> Excerpted records
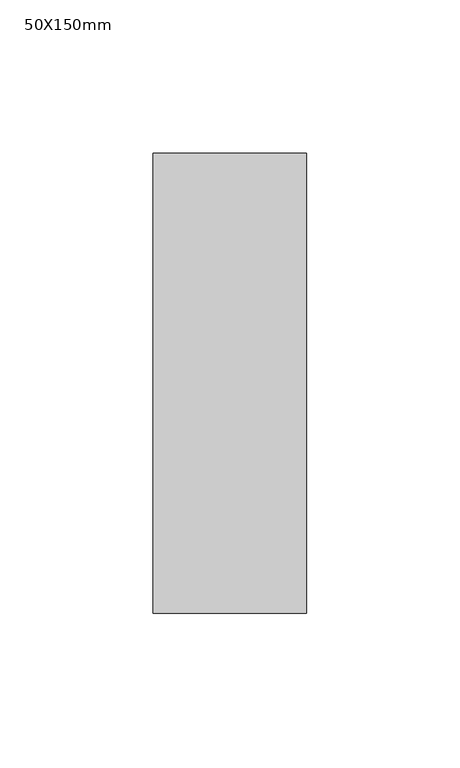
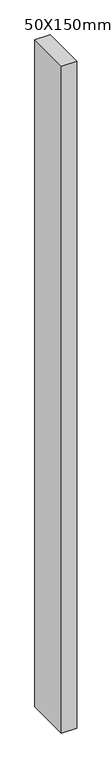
"""IFC4 building model written with IfcOpenShell, lengths in millimetres: member geometry, 矩形竖梃 : 50X150mm."""

import ifcopenshell
import ifcopenshell.guid

model = None  # the IFC model being written
_history = None  # IfcOwnerHistory: only IFC2X3 demands one
_inside = {}  # id of a spatial element -> (the spatial element, [elements in it])
_under = {}  # id of a project, library or spatial element -> (it, [spatial elements below it])
_declared = {}  # id of a project -> (the project, [libraries it declares])
_typed = {}  # id of a type object -> (the type object, [elements of that type])
_made_of = {}  # id of a material, layer set ... -> (it, [elements and type objects made of it])


def new_model(schema):
    """Start an empty IFC model of exactly this schema.

    Asked for "IFC4X3", IfcOpenShell would pick the latest addendum, in which some entities
    have other attributes; the version numbers below select the first issue.
    IFC2X3 requires an IfcOwnerHistory on every rooted entity: one is made here for all.
    """
    global model, _history
    if schema == "IFC4X3":
        model = ifcopenshell.file(schema_version=(4, 3, 0, 0))
    else:
        model = ifcopenshell.file(schema=schema)
    _inside.clear()
    _under.clear()
    _declared.clear()
    _typed.clear()
    _made_of.clear()
    _history = None
    if model.schema == "IFC2X3":
        org = make("IfcOrganization", Name="unknown")
        user = make(
            "IfcPersonAndOrganization",
            ThePerson=make("IfcPerson", FamilyName="unknown"),
            TheOrganization=org,
        )
        app = make(
            "IfcApplication",
            ApplicationDeveloper=org,
            Version="unknown",
            ApplicationFullName="unknown",
            ApplicationIdentifier="unknown",
        )
        _history = make(
            "IfcOwnerHistory",
            OwningUser=user,
            OwningApplication=app,
            ChangeAction="ADDED",
            CreationDate=0,
        )
    return model


def make(cls, **values):
    """One entity of the class cls with the attributes given. An attribute that is None is left unset."""
    return model.create_entity(
        cls, **{name: value for name, value in values.items() if value is not None}
    )


def rooted(cls, **values):
    """An entity with a GlobalId (a new one), such as an element, a storey or a relation."""
    return make(cls, GlobalId=ifcopenshell.guid.new(), OwnerHistory=_history, **values)


def si_unit(unit_type, name, prefix=None):
    """IfcSIUnit, for example si_unit("LENGTHUNIT", "METRE", prefix="MILLI")."""
    return make("IfcSIUnit", UnitType=unit_type, Prefix=prefix, Name=name)


def assignment(units):
    """IfcUnitAssignment: the units of a project."""
    return None if units is None else make("IfcUnitAssignment", Units=units)


def point(xyz):
    """IfcCartesianPoint."""
    return None if xyz is None else make("IfcCartesianPoint", Coordinates=xyz)


def direction(xyz):
    """IfcDirection."""
    return None if xyz is None else make("IfcDirection", DirectionRatios=xyz)


def frame(location, z_axis=None, x_axis=None):
    """IfcAxis2Placement3D, a coordinate frame: its origin and axes. An axis left out is left unset."""
    return make(
        "IfcAxis2Placement3D",
        Location=point(location),
        Axis=direction(z_axis),
        RefDirection=direction(x_axis),
    )


def origin():
    """The frame at (0, 0, 0) with its axes left unset."""
    return frame((0.0, 0.0, 0.0))


def place(relative_to, where):
    """IfcLocalPlacement: puts the frame where relative to a parent placement (None: the world)."""
    return make(
        "IfcLocalPlacement", PlacementRelTo=relative_to, RelativePlacement=where
    )


def context(
    kind, dimensions, precision=None, world=None, true_north=None, identifier=None
):
    """IfcGeometricRepresentationContext, for example the 3D "Model" context."""
    return make(
        "IfcGeometricRepresentationContext",
        ContextIdentifier=identifier,
        ContextType=kind,
        CoordinateSpaceDimension=dimensions,
        Precision=precision,
        WorldCoordinateSystem=world,
        TrueNorth=true_north,
    )


def project(units=None, contexts=None):
    """IfcProject with its units and contexts."""
    return rooted(
        "IfcProject",
        Name="project",
        RepresentationContexts=contexts,
        UnitsInContext=assignment(units),
    )


def spatial(cls, under=None, at=None, **own):
    """A site, building, storey or space (cls), placed at a placement, below another one or the project."""
    s = rooted(cls, ObjectPlacement=at, **own)
    if under is not None:
        _under.setdefault(under.id(), (under, []))[1].append(s)
    return s


def polyline(points):
    """IfcPolyline through the points."""
    return make("IfcPolyline", Points=[point(p) for p in points])


def outline(outer, holes=None, kind="AREA"):
    """IfcArbitraryClosedProfileDef: a profile drawn as a closed curve; with holes, ...WithVoids."""
    if holes is None:
        return make("IfcArbitraryClosedProfileDef", ProfileType=kind, OuterCurve=outer)
    return make(
        "IfcArbitraryProfileDefWithVoids",
        ProfileType=kind,
        OuterCurve=outer,
        InnerCurves=holes,
    )


def extrude(swept, where, along, depth):
    """IfcExtrudedAreaSolid: the profile swept, set in the frame where, extruded along a direction by depth."""
    return make(
        "IfcExtrudedAreaSolid",
        SweptArea=swept,
        Position=where,
        ExtrudedDirection=direction(along),
        Depth=depth,
    )


def shape(context_of_items, identifier, shape_type, items):
    """IfcShapeRepresentation: the items that make up one representation, for example the "Body"."""
    return make(
        "IfcShapeRepresentation",
        ContextOfItems=context_of_items,
        RepresentationIdentifier=identifier,
        RepresentationType=shape_type,
        Items=items,
    )


def source(mapping_origin, context_of_items, identifier, shape_type, items):
    """IfcRepresentationMap: a shape defined once, which mapped items show again and again."""
    return make(
        "IfcRepresentationMap",
        MappingOrigin=mapping_origin,
        MappedRepresentation=shape(context_of_items, identifier, shape_type, items),
    )


def transform(
    local_origin,
    x_axis=None,
    y_axis=None,
    z_axis=None,
    scale=None,
    scale2=None,
    scale3=None,
    uniform=True,
):
    """IfcCartesianTransformationOperator3D, or its non-uniform kind. x_axis, y_axis, z_axis: its Axis1, 2, 3."""
    if uniform:
        return make(
            "IfcCartesianTransformationOperator3D",
            Axis1=direction(x_axis),
            Axis2=direction(y_axis),
            LocalOrigin=point(local_origin),
            Scale=scale,
            Axis3=direction(z_axis),
        )
    return make(
        "IfcCartesianTransformationOperator3DnonUniform",
        Axis1=direction(x_axis),
        Axis2=direction(y_axis),
        LocalOrigin=point(local_origin),
        Scale=scale,
        Axis3=direction(z_axis),
        Scale2=scale2,
        Scale3=scale3,
    )


def mapped(mapping_source, mapping_target):
    """IfcMappedItem: shows the shape of a source again, moved by a transform."""
    return make(
        "IfcMappedItem", MappingSource=mapping_source, MappingTarget=mapping_target
    )


def made_of(thing, what):
    """Note that an element or type object is made of a material, layer set ...; save() writes the relation."""
    if what is not None:
        _made_of.setdefault(what.id(), (what, []))[1].append(thing)
    return thing


def element(
    cls,
    number,
    at=None,
    inside=None,
    cuts=None,
    type_object=None,
    material=None,
    context=None,
    identifier="Body",
    shape_type=None,
    held_by="IfcProductDefinitionShape",
    body=None,
    shapes=None,
    **own,
):
    """One element of the class cls, such as IfcWall. Its Tag is "e" and its number.

    at: its placement. inside: the storey or other place that contains it. cuts: it is an
    opening in that element (IfcRelVoidsElement). A single representation is given by context,
    identifier, shape_type and body (its items); several are given by shapes. held_by: the class
    of the entity that holds the representations. save() writes the other relations.
    """
    e = rooted(cls, Tag="e%d" % number, ObjectPlacement=at, **own)
    if body is not None:
        shapes = [shape(context, identifier, shape_type, body)]
    if shapes is not None:
        e.Representation = make(held_by, Representations=shapes)
    if inside is not None:
        _inside.setdefault(inside.id(), (inside, []))[1].append(e)
    if cuts is not None:
        rooted(
            "IfcRelVoidsElement", RelatingBuildingElement=cuts, RelatedOpeningElement=e
        )
    if type_object is not None:
        _typed.setdefault(type_object.id(), (type_object, []))[1].append(e)
    return made_of(e, material)


def aggregate(whole, parts):
    """IfcRelAggregates: a whole, such as a stair, and the parts it consists of."""
    return rooted("IfcRelAggregates", RelatingObject=whole, RelatedObjects=parts)


def save(model, path):
    """Write the relations noted so far, then the file.

    IfcRelAggregates (storeys below a building ...), IfcRelContainedInSpatialStructure (elements
    in a storey), IfcRelDefinesByType, IfcRelAssociatesMaterial and IfcRelDeclares: one each for
    every whole, place, type object, material and project.
    """
    for whole, parts in _under.values():
        aggregate(whole, parts)
    for where, things in _inside.values():
        rooted(
            "IfcRelContainedInSpatialStructure",
            RelatedElements=things,
            RelatingStructure=where,
        )
    for kind, things in _typed.values():
        rooted("IfcRelDefinesByType", RelatedObjects=things, RelatingType=kind)
    for what, things in _made_of.values():
        rooted("IfcRelAssociatesMaterial", RelatedObjects=things, RelatingMaterial=what)
    for by, libraries in _declared.values():
        rooted("IfcRelDeclares", RelatingContext=by, RelatedDefinitions=libraries)
    model.write(path)


def member_50x150mm_26769b4d(model_context):
    return source(origin(), model_context, "Body", "SweptSolid", [
        extrude(outline(polyline([(25.0, 75.0), (25.0, -75.0), (-25.0, -75.0), (-25.0, 75.0), (25.0, 75.0)])), frame((0.0, 0.0, -2310.0), z_axis=(0.0, 0.0, 1.0), x_axis=(1.0, 0.0, 0.0)), (0.0, 0.0, 1.0), 2310.0),
    ])


if __name__ == "__main__":
    model = new_model("IFC4")
    model_context = context("Model", 3, world=origin())
    ifc_project = project(units=[si_unit("LENGTHUNIT", "METRE", prefix="MILLI")], contexts=[model_context])
    site = spatial("IfcSite", under=ifc_project)
    building = spatial("IfcBuilding", under=site)
    placement = place(None, origin())
    member_50x150mm_shape = member_50x150mm_26769b4d(model_context)
    element("IfcMember", 1, ObjectType="矩形竖梃 : 50X150mm", at=placement, inside=building, context=model_context, shape_type="MappedRepresentation", body=[
        mapped(member_50x150mm_shape, transform((0.0, 0.0, 0.0), x_axis=(1.0, 0.0, 0.0), y_axis=(0.0, 1.0, 0.0), z_axis=(0.0, 0.0, 1.0))),
    ])
    save(model, "model.ifc")

> Goal of the exercise
If a line in the listing contains the string "IfcRelDeclares", count it; then give only the number of such lines.

> Reply to the exercise
2